▶ **WORK REQUIRED**: Copy every line of the following data that includes the string "COVER".

▶ **Saved entries**:
━━━━━━━━
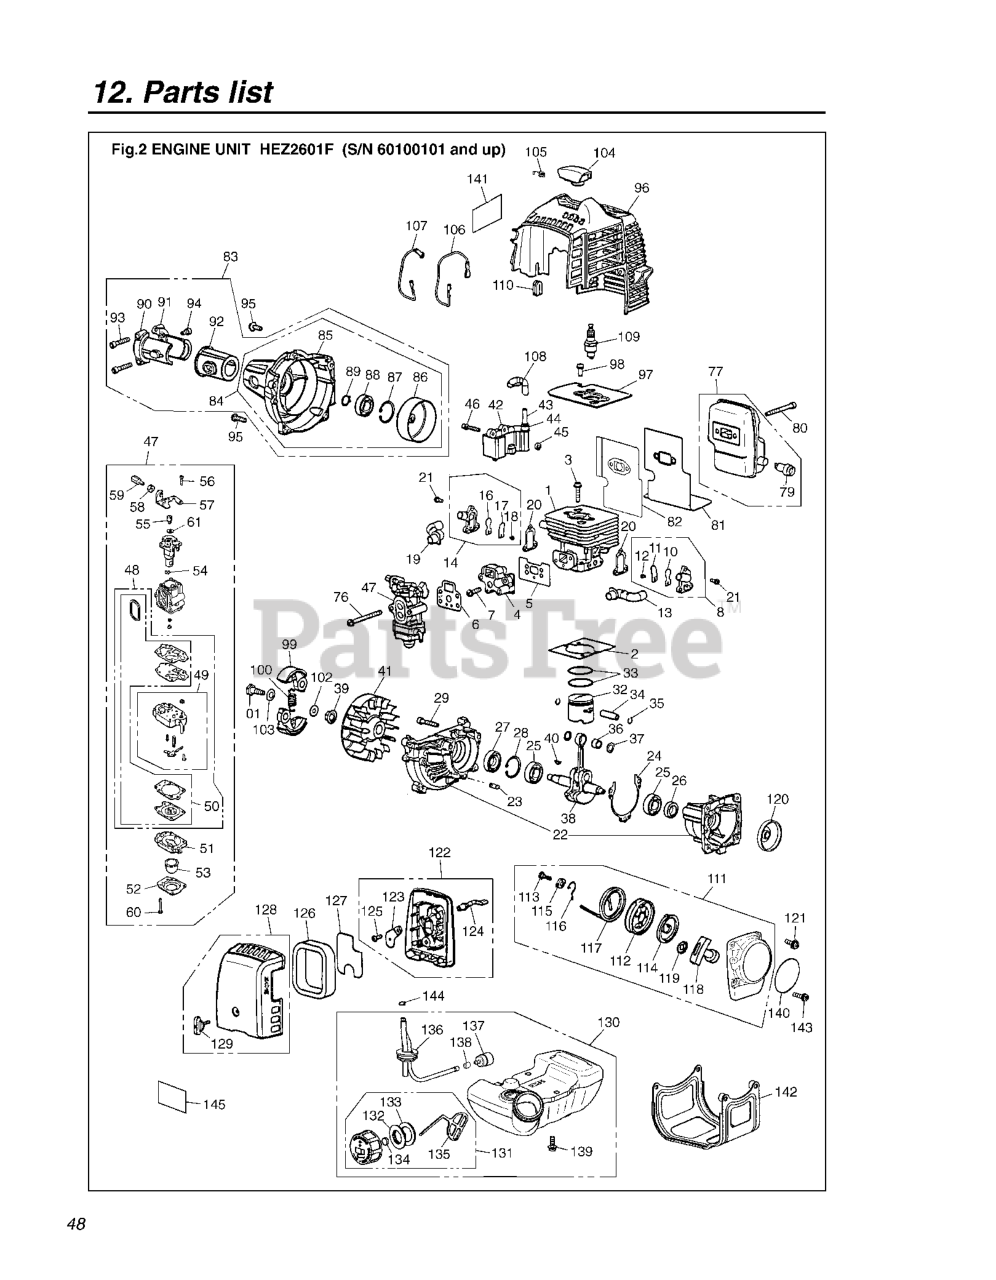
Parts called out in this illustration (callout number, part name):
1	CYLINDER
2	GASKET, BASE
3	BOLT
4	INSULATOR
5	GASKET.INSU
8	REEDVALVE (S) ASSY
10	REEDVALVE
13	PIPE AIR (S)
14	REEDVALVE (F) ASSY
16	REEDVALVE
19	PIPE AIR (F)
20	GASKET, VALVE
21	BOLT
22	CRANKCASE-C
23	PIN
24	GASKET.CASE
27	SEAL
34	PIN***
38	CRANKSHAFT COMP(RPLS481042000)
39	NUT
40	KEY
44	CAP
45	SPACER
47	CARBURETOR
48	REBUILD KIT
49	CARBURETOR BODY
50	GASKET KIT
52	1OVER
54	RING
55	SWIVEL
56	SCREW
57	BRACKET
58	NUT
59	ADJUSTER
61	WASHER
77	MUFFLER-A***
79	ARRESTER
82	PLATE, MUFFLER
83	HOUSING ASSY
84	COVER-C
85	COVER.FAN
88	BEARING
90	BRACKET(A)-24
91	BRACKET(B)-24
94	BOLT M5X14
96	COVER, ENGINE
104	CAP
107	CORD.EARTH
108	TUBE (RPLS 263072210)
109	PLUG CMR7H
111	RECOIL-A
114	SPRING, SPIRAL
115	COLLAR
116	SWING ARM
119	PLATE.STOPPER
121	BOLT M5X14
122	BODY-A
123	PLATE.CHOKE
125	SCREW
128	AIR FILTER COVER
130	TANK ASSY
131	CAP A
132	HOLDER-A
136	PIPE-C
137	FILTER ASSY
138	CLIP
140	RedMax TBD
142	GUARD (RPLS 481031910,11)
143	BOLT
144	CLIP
━━━━━━━━
▶ **RESULT**:
84	COVER-C
85	COVER.FAN
96	COVER, ENGINE
128	AIR FILTER COVER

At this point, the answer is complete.